Source: Dorit Alt, et al. “College Students’ Academic Motivation, Media Engagement and Fear of Missing Out.” Computers in Human Behavior, Pergamon, 12 Mar. 2015,  

Background: A study was conducted of 298 undergraduate students and attempted to prove that FOMO’s depressive symptoms had a direct correlation with social media use, much of the reasoning having to be because of the Millenial’s social attachment. The aim was to provide conclusions of a student’s academic motivation based on social media usage.

How I used it: I used this article to prove the counterintuitive idea to my thesis wrong. My idea was that the idea of FOMO is no different than envy. The results in the article could be assumed without any research.

Source:  Gupta, Mayank, and Aditya Sharma.  “Fear of Missing out: A Brief Overview of Origin, Theoretical Underpinnings and Relationship with Mental Health.” World Journal of Clinical Cases, U.S. National Library of Medicine, 6 July 2021

Background: This article provides a basic definition and overview of FOMO, and when it came about. It describes how it became such a phenomenon because of the social media crisis. It also goes over different effects that occur from people experiencing FOMO, some of these being lack of sleep, poor motivation, and physical wellbeing.

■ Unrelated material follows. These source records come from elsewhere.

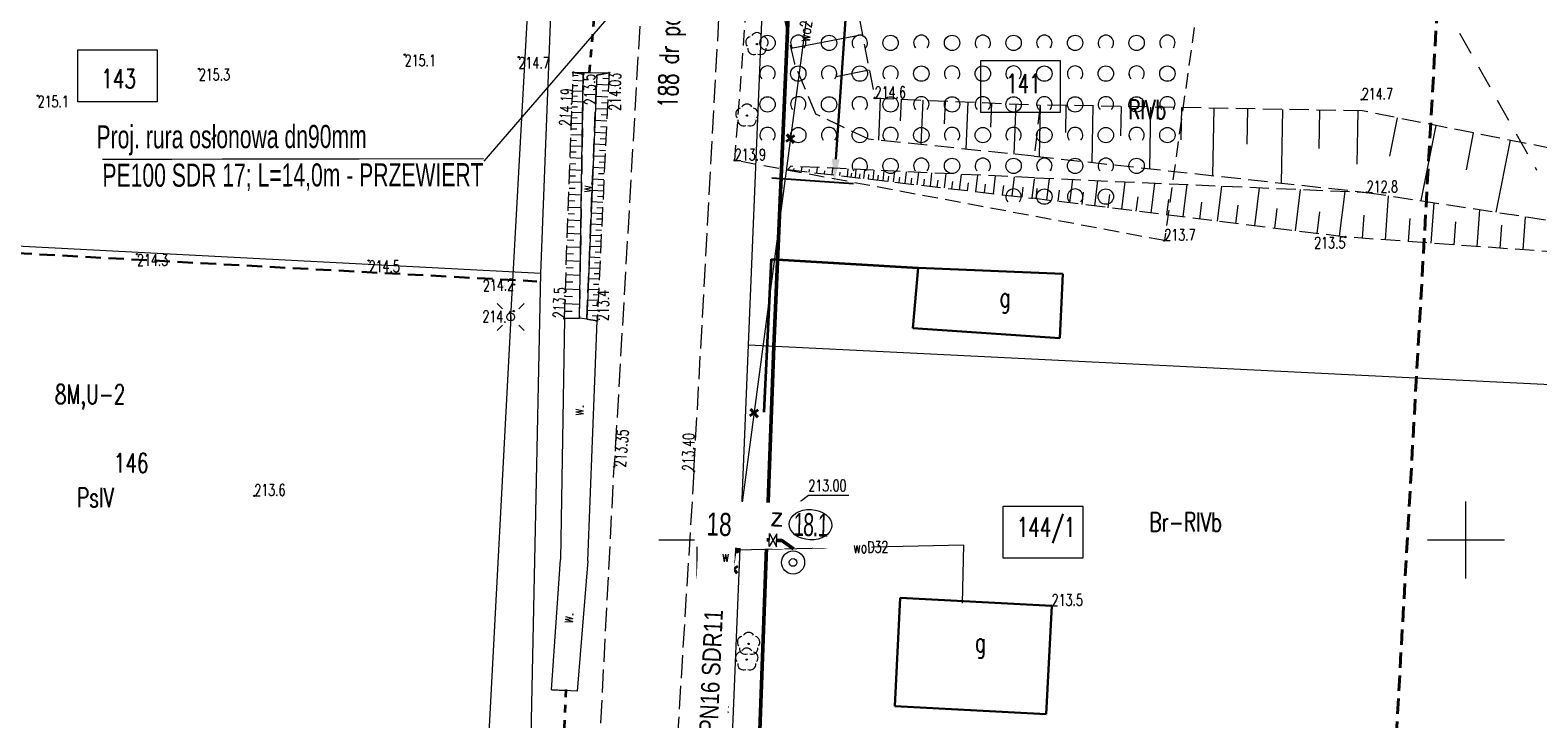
# Model space of a CAD drawing. Header units: metres. Extents: x 7496982 to 7497528, y 5603168 to 5605598.
# Tile 30 of 74: x 7497107 to 7497205, y 5603888 to 5603933. Entities that reach past the tile are written whole.
import ezdxf
from ezdxf.enums import TextEntityAlignment as Align

# ---------------------------------------------------------------- set-up
doc = ezdxf.new("R2010")
doc.units = ezdxf.units.M
doc.header["$MEASUREMENT"] = 0
for name, pattern in [('1', [0]), ('1_SUEP_A', [0]), ('1_SUEP_B', [0]), ('1_SUWP', [0]), ('2', [1.5, 1, -0.5]), ('2_1', [0]), ('2_OTDN_A', [2, 1, -1]), ('2_OTKJ', [2, 1.5, -0.5]), ('2_OTKR', [0]), ('2_OTKR_A', [2, 1, -1]), ('2_OTKZ_A', [1, 0.5, -0.5]), ('2_OTOO', [0]), ('2_OTRK', [1.75, 1.25, -0.5]), ('2_OTRKG', [1.75, 1.25, -0.5]), ('2_OTZK', [1.5, 1, -0.5]), ('4', [2.5, 1.5, -1]), ('BUD', [0]), ('GDE', [0])]:
    doc.linetypes.add(name, pattern=pattern)
doc.layers.get('0').update_dxf_attribs({"color": 250, "linetype": 'CONTINUOUS', "lineweight": 100})
doc.layers.get('Defpoints').update_dxf_attribs({"linetype": 'CONTINUOUS'})
for name, color, linetype, lineweight in [('! IS_opis woda', 7, 'CONTINUOUS', 9), ('! IS_woda', 5, 'CONTINUOUS', 50), ('!!_IS_Woda', 5, 'CONTINUOUS', 50), ('!_gaz', 40, 'CONTINUOUS', 40), ('!COPIS', 7, 'CONTINUOUS', 15), ('2_granice działek', 6, 'CONTINUOUS', 20), ('_MAPA_L_0', 7, '1', 18), ('EBUOA_T_1', 14, 'CONTINUOUS', 25), ('EBUPP_L_1', 250, 'BUD', 30), ('EBUPP_L_3', 250, 'BUD', 30), ('EDZPD_L_0', 3, 'GDE', 18), ('EDZTD_T_0', 3, 'CONTINUOUS', 18), ('EKLTK_T_0', 90, 'CONTINUOUS', 25), ('EUZPU_L_0', 90, '4', 18), ('OTD_L_12', 7, '2_OTDN_A', 18), ('OTK_E_T_4', 7, 'CONTINUOUS', 0), ('OTK_L_0', 7, '2_OTKJ', 18), ('OTK_L_5', 7, '2_OTKR_A', 18), ('OTK_L_8', 7, '2_OTKZ_A', 35), ('OTO_L_0', 7, '2_OTOO', 35), ('OTR_L_1', 7, '2_OTRK', 18), ('OTR_T_0', 7, 'CONTINUOUS', 18), ('OTR_T_1', 7, 'CONTINUOUS', 18), ('OTZ_L_1', 7, '2_OTZK', 18), ('OTZ_T_0', 3, 'CONTINUOUS', 18), ('PLAN_L_0', 214, '2', 30), ('PLAN_T_0', 214, 'CONTINUOUS', 30), ('SUE_T_3', 7, 'CONTINUOUS', 18), ('SUEP_L_0', 1, '1_SUEP_A', 18), ('SUP_T_2', 7, 'CONTINUOUS', 18), ('SUW_E_T_2', 5, 'CONTINUOUS', 0), ('SUW_T_3', 5, 'CONTINUOUS', 18), ('SUW_T_5', 5, 'CONTINUOUS', 18), ('SUWP_E_T_0', 5, 'CONTINUOUS', 0), ('SUWP_L_0', 5, '1_SUWP', 18), ('SUWR_T_0', 5, 'CONTINUOUS', 18), ('SZZPZ_T_0_T_0', 7, 'CONTINUOUS', 0), ('ZAKRES_L_0', 1, '2', 40), ('ZAKRES_L_0_a', 1, '2', 40)]:
    doc.layers.add(name, color=color, linetype=linetype, lineweight=lineweight)
doc.styles.add('ARIAL', font='arial.ttf', dxfattribs={"width": 0.8})
doc.styles.add('R', font='arial.ttf')
doc.styles.get("Standard").update_dxf_attribs({"font": 'Simplex.SHX', "width": 0.75})
doc.styles.add('styl1', font='arial.ttf', dxfattribs={"oblique": 18})
doc.dimstyles.get("Standard").update_dxf_attribs({"dimtxt": 1, "dimasz": 1, "dimexe": 1, "dimexo": 1, "dimgap": 1, "dimtad": 1, "dimtxsty": 'Standard', "dimcen": 2.5, "dimadec": 0, "dimazin": 0, "dimtfac": 1, "dimtmove": 0, "dimatfit": 3, "dimfxl": 1, "dimarcsym": 0})

# ---------------------------------------------------------------- blocks, each defined once
blk = doc.blocks.new('1_SUEO_W')
at = {"linetype": 'Continuous'}
for p, q in [((-0.53035, 0.53035), (-0.8839, 0.8839)), ((0.53035, 0.53035), (0.8839, 0.8839)), ((-0.53035, -0.53035), (-0.8839, -0.8839)), ((0.53035, -0.53035), (0.8839, -0.8839))]:
    blk.add_line(p, q, dxfattribs=at)
blk.add_circle((0, 0), 0.025, dxfattribs=at)
blk = doc.blocks.new('2_OTZK')
at = {"linetype": 'Continuous'}
for centre in [(-1, 1), (1, -1)]:
    blk.add_circle(centre, 0.5, dxfattribs=at)
for centre, start, end in [((1, 1), 318.59038, 221.40962), ((-1, -1), 318.70311, 221.29689)]:
    blk.add_arc(centre, 0.5, start, end, dxfattribs=at)
blk = doc.blocks.new('1_SUPP')
at = {"linetype": 'Continuous'}
blk.add_circle((0, 0), 0.25, dxfattribs=at)
blk = doc.blocks.new('1_SUWS')
at = {"linetype": 'Continuous'}
for radius in [0.75, 0.25]:
    blk.add_circle((0, 0), radius, dxfattribs=at)
blk = doc.blocks.new('1_SUWW')
at = {"linetype": 'Continuous'}
for radius in [0.2, 0.175, 0.15, 0.125, 0.1, 0.075, 0.05, 0.025, 0.00715]:
    blk.add_circle((0, 0), radius, dxfattribs=at)
blk = doc.blocks.new('1_SUPS')
at = {"linetype": 'Continuous'}
blk.add_circle((0, 0), 0.0625, dxfattribs=at)
blk = doc.blocks.new('2_OTZL')
at = {"linetype": 'Continuous'}
blk.add_circle((0, 0), 0.045, dxfattribs=at)
for centre, start, end in [((-0.357, 0.116), 102.14447, 221.86002), ((0, 0.375), 30.14012, 149.85988), ((0.357, 0.116), 318.13998, 77.85553), ((-0.22, -0.303), 174.14818, 293.85423), ((0.22, -0.303), 246.14577, 5.85182)]:
    blk.add_arc(centre, 0.375, start, end, dxfattribs=at)
blk = doc.blocks.new('2_OTRS')
at = {"linetype": 'Continuous'}
blk.add_circle((0, 0), 0.045, dxfattribs=at)
blk = doc.blocks.new('2_OTRN')
at = {"linetype": 'Continuous'}
blk.add_circle((0, 0), 0.045, dxfattribs=at)
blk = doc.blocks.new('DLI')
at = {"linetype": 'Continuous'}
blk.add_circle((0, 0), 0.045, dxfattribs=at)
for centre, start, end in [((-0.357, 0.116), 102.14447, 221.86002), ((0, 0.375), 30.14012, 149.85988), ((0.357, 0.116), 318.13998, 77.85553), ((-0.22, -0.303), 174.14818, 293.85423), ((0.22, -0.303), 246.14577, 5.85182)]:
    blk.add_arc(centre, 0.375, start, end, dxfattribs=at)
blk = doc.blocks.new('*D552')
at = {"layer": '! IS_opis woda', "color": 0, "lineweight": -2, "transparency": 16777216}
for p, q in [((7497159.182, 5603986.686), (7497164.49, 5603986.322)), ((7497154.854, 5603923.543), (7497160.162, 5603923.179))]:
    blk.add_line(p, q, dxfattribs=at)
at = {"layer": '! IS_opis woda', "color": 0, "lineweight": 30, "transparency": 16777216}
for p, q in [((7497163.14, 5603984.911), (7497161.282, 5603957.807)), ((7497159.017, 5603924.761), (7497160.406, 5603945.026))]:
    blk.add_line(p, q, dxfattribs=at)
at = {"layer": '! IS_opis woda', "color": 0, "transparency": 16777216}
for points in [[(7497162.891, 5603984.928), (7497163.389, 5603984.894), (7497163.243, 5603986.407)], [(7497158.768, 5603924.779), (7497159.266, 5603924.744), (7497158.914, 5603923.265)]]:
    blk.add_solid(points, dxfattribs=at)
at = {"layer": 'Defpoints', "color": 0, "transparency": 16777216}
for p in [(7497159.12, 5603986.69), (7497154.792, 5603923.548), (7497158.914, 5603923.265)]:
    blk.add_point(p, dxfattribs=at)
at = {"layer": '! IS_opis woda', "color": 0, "lineweight": 9, "transparency": 16777216, "insert": (7497160.844, 5603951.416), "char_height": 1.5, "width": 11.11376, "attachment_point": 5, "rotation": 88, "style": 'styl1'}
blk.add_mtext('\\A1;PRZEWIERT L=63,5m', dxfattribs=at)
blk = doc.blocks.new('krzyż')
at = {"layer": '!_gaz', "color": 1, "linetype": 'ByBlock'}
for points in [[(-0.49, 0.45), (0.49, -0.45)], [(-0.43, -0.58), (0.4, 0.54)]]:
    blk.add_lwpolyline(points, dxfattribs=at)

msp = doc.modelspace()

# ---------------------------------------------------------------- linework, layer by layer
at = {"layer": '! IS_woda', "linetype": 'Continuous'}
msp.add_lwpolyline([(7497166.72676, 5604082.18713), (7497164.81883, 5604063.1353), (7497162.26777, 5604061.59317), (7497161.46488, 5604039.69889), (7497162.93717, 5604037.41743), (7497160.94662, 5604011.34555), (7497160.11347, 5603999.35452), (7497160.07331, 5603998.90089), (7497160.0363, 5603998.39332), (7497159.53129, 5603992.10995), (7497159.06113, 5603986.17483), (7497158.75713, 5603982.32474), (7497157.54259, 5603966.94227), (7497156.78904, 5603956.95522), (7497156.25726, 5603941.75122), (7497156.03194, 5603936.62996), (7497154.99108, 5603912.59859), (7497153.92101, 5603883.44736)], dxfattribs=at)
at = {"layer": '2_granice działek', "color": 4, "linetype": 'Continuous', "lineweight": 0}
msp.add_lwpolyline([(7497109.72269, 5603931.88083), (7497114.89338, 5603931.88083), (7497114.89338, 5603928.49629), (7497109.72269, 5603928.49629)], close=True, dxfattribs=at)
at = {"layer": '2_granice działek', "linetype": 'Continuous', "lineweight": 0}
for points in [[(7497168.44532, 5603931.19175), (7497173.61601, 5603931.19175), (7497173.61601, 5603927.80721), (7497168.44532, 5603927.80721)], [(7497169.90704, 5603902.20479), (7497175.07773, 5603902.20479), (7497175.07773, 5603898.82025), (7497169.90704, 5603898.82025)]]:
    msp.add_lwpolyline(points, close=True, dxfattribs=at)
at = {"layer": '_MAPA_L_0', "linetype": '1'}
for p, q in [((7497150, 5603897.5), (7497150, 5603902.5)), ((7497200, 5603897.5), (7497200, 5603902.5)), ((7497147.5, 5603900), (7497152.5, 5603900)), ((7497197.5, 5603900), (7497202.5, 5603900))]:
    msp.add_line(p, q, dxfattribs=at)
at = {"layer": 'EBUPP_L_1', "linetype": '1'}
for p, q in [((7497162.85645, 5603889.18725), (7497163.2, 5603896.23)), ((7497163.2, 5603896.23), (7497173.06, 5603895.72)), ((7497173.06, 5603895.72), (7497172.69578, 5603888.67832)), ((7497172.69578, 5603888.67832), (7497162.85645, 5603889.18725))]:
    msp.add_line(p, q, dxfattribs=at)
at = {"layer": 'EBUPP_L_3', "linetype": '1'}
for p, q in [((7497164.03312, 5603913.78536), (7497164.38189, 5603917.70231)), ((7497164.38189, 5603917.70231), (7497173.77183, 5603917.29989)), ((7497173.77183, 5603917.29989), (7497173.58404, 5603913.11465)), ((7497173.58404, 5603913.11465), (7497164.03312, 5603913.78536))]:
    msp.add_line(p, q, dxfattribs=at)
at = {"layer": 'EDZPD_L_0', "linetype": 'GDE'}
for p, q in [((7497153.34, 5603912.68), (7497154.55, 5603941.84)), ((7497139.83, 5603917.34), (7497140.6, 5603936.97)), ((7497139.83, 5603917.34), (7497047.72411, 5603922.10299)), ((7497139.15, 5603884.13), (7497139.83, 5603917.34)), ((7497152.14, 5603883.53), (7497153.34, 5603912.68))]:
    msp.add_line(p, q, dxfattribs=at)
at = {"layer": 'EDZPD_L_0', "linetype": '1'}
msp.add_line((7497153.34, 5603912.68), (7497266.85093, 5603907.08279), dxfattribs=at)
at = {"layer": 'EUZPU_L_0', "linetype": '4'}
msp.add_line((7497187.31, 5603954.74), (7497204.59543, 5603924.06005), dxfattribs=at)
at = {"layer": 'OTD_L_12', "linetype": '2_OTDN_A'}
for p, q in [((7497141.941, 5603930.406), (7497142.60389, 5603930.40033)), ((7497142.60389, 5603930.40033), (7497144.28, 5603930.386)), ((7497140.52, 5603890.26), (7497142.2, 5603890.17))]:
    msp.add_line(p, q, dxfattribs=at)
at = {"layer": 'OTK_L_0', "linetype": '2_OTKJ'}
for p, q in [((7497147.311, 5603951.384), (7497144.606, 5603904.763)), ((7497149.794, 5603904.474), (7497152.332, 5603950.441)), ((7497143.53, 5603884.09), (7497144.606, 5603904.763)), ((7497149.794, 5603904.474), (7497148.5, 5603883.66))]:
    msp.add_line(p, q, dxfattribs=at)
at = {"layer": 'OTK_L_5', "linetype": '2_OTKR'}
for p, q in [((7497141.941, 5603930.406), (7497143.00947, 5603930.39686)), ((7497142.595, 5603930.295), (7497141.941, 5603930.406)), ((7497142.34614, 5603914.43451), (7497142.595, 5603930.295)), ((7497143.473, 5603930.226), (7497142.82771, 5603914.35134)), ((7497143.00947, 5603930.39686), (7497144.28, 5603930.386)), ((7497144.28, 5603930.386), (7497143.473, 5603930.226)), ((7497141.368, 5603914.402), (7497141.12257, 5603898.72159)), ((7497141.368, 5603914.402), (7497142.34614, 5603914.43451)), ((7497142.82771, 5603914.35134), (7497142.34614, 5603914.43451)), ((7497142.82771, 5603914.35134), (7497143.497, 5603914.249)), ((7497142.88252, 5603898.63574), (7497143.497, 5603914.249)), ((7497140.52, 5603890.26), (7497141.12257, 5603898.72159)), ((7497142.88252, 5603898.63574), (7497142.2, 5603890.17)), ((7497142.2, 5603890.17), (7497140.52, 5603890.26))]:
    msp.add_line(p, q, dxfattribs=at)
at = {"layer": 'OTK_L_8', "linetype": '2_OTKZ_A'}
for p, q in [((7497143.00947, 5603930.39686), (7497143.53447, 5603936.5256)), ((7497141.47, 5603890.28), (7497141.17, 5603883.89))]:
    msp.add_line(p, q, dxfattribs=at)
at = {"layer": 'OTO_L_0', "linetype": '2_OTOO'}
for p, q in [((7497154.36756, 5603908.31391), (7497154.82872, 5603918.25456)), ((7497154.82872, 5603918.25456), (7497164.38189, 5603917.70231))]:
    msp.add_line(p, q, dxfattribs=at)
at = {"layer": 'OTR_L_1', "linetype": '2_OTRK'}
for p, q in [((7497156.34666, 5603930.96399), (7497155.70277, 5603933.85609)), ((7497157.71491, 5603927.69092), (7497156.34666, 5603930.96399)), ((7497141.941, 5603930.406), (7497142.595, 5603930.295)), ((7497142.595, 5603930.295), (7497142.34614, 5603914.43451)), ((7497142.82771, 5603914.35134), (7497143.473, 5603930.226)), ((7497143.473, 5603930.226), (7497144.28, 5603930.386)), ((7497161.16826, 5603926.06297), (7497157.71491, 5603927.69092)), ((7497172.30206, 5603928.28973), (7497171.92646, 5603924.963)), ((7497172.30206, 5603928.28973), (7497171.92646, 5603924.963)), ((7497171.92646, 5603924.963), (7497161.16826, 5603926.06297)), ((7497171.92646, 5603924.963), (7497193.54765, 5603922.60769)), ((7497156.09276, 5603924.30554), (7497155.90496, 5603924.09091)), ((7497171.94836, 5603923.55434), (7497156.09276, 5603924.30554)), ((7497171.79537, 5603922.22145), (7497171.94836, 5603923.55434)), ((7497171.79537, 5603922.22145), (7497171.94836, 5603923.55434)), ((7497171.94836, 5603923.55434), (7497193.54765, 5603922.60769)), ((7497193.54765, 5603922.60769), (7497230.62106, 5603916.93097)), ((7497193.54765, 5603922.60769), (7497230.62106, 5603916.93097)), ((7497142.34614, 5603914.43451), (7497141.368, 5603914.402)), ((7497143.497, 5603914.249), (7497142.82771, 5603914.35134))]:
    msp.add_line(p, q, dxfattribs=at)
at = {"layer": 'OTR_L_1', "linetype": '2_OTRKG'}
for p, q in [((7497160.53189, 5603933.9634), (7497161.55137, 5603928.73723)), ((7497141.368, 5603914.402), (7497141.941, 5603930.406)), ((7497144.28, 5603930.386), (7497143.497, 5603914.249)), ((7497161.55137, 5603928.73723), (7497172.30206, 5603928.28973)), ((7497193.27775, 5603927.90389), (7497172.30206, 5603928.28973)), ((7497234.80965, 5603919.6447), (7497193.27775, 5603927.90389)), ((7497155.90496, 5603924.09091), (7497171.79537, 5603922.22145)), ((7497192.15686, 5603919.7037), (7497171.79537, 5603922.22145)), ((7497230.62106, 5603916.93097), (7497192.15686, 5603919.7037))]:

How I used it: This article helped me understand the basic concepts of FOMO. I used not only the definitions provided for these effects, but used the information given to also compare the social aspect of FOMO to a much broader perspective. For example, somebody could have the same effects from something not pertaining to social media.

Source: Smith, Richard. Proquest, Jan. 2007, Comprehending Envy-Proquest

Background: Similar to the other proquest source defining FOMO, this article goes over the basic concepts of envy and why many people feel envy towards certain things. It dives deep into the psychology of one’s well being and how that affects someone’s frequency of feeling envy

How I used it: This article was the most important to me out of any others because it provided me with something comparable to FOMO but with different research other than social media. It helped me to prove my argument that social media’s affects on teenagers feelings of FOMO is no different than an adults feelings of envy because of another external factor.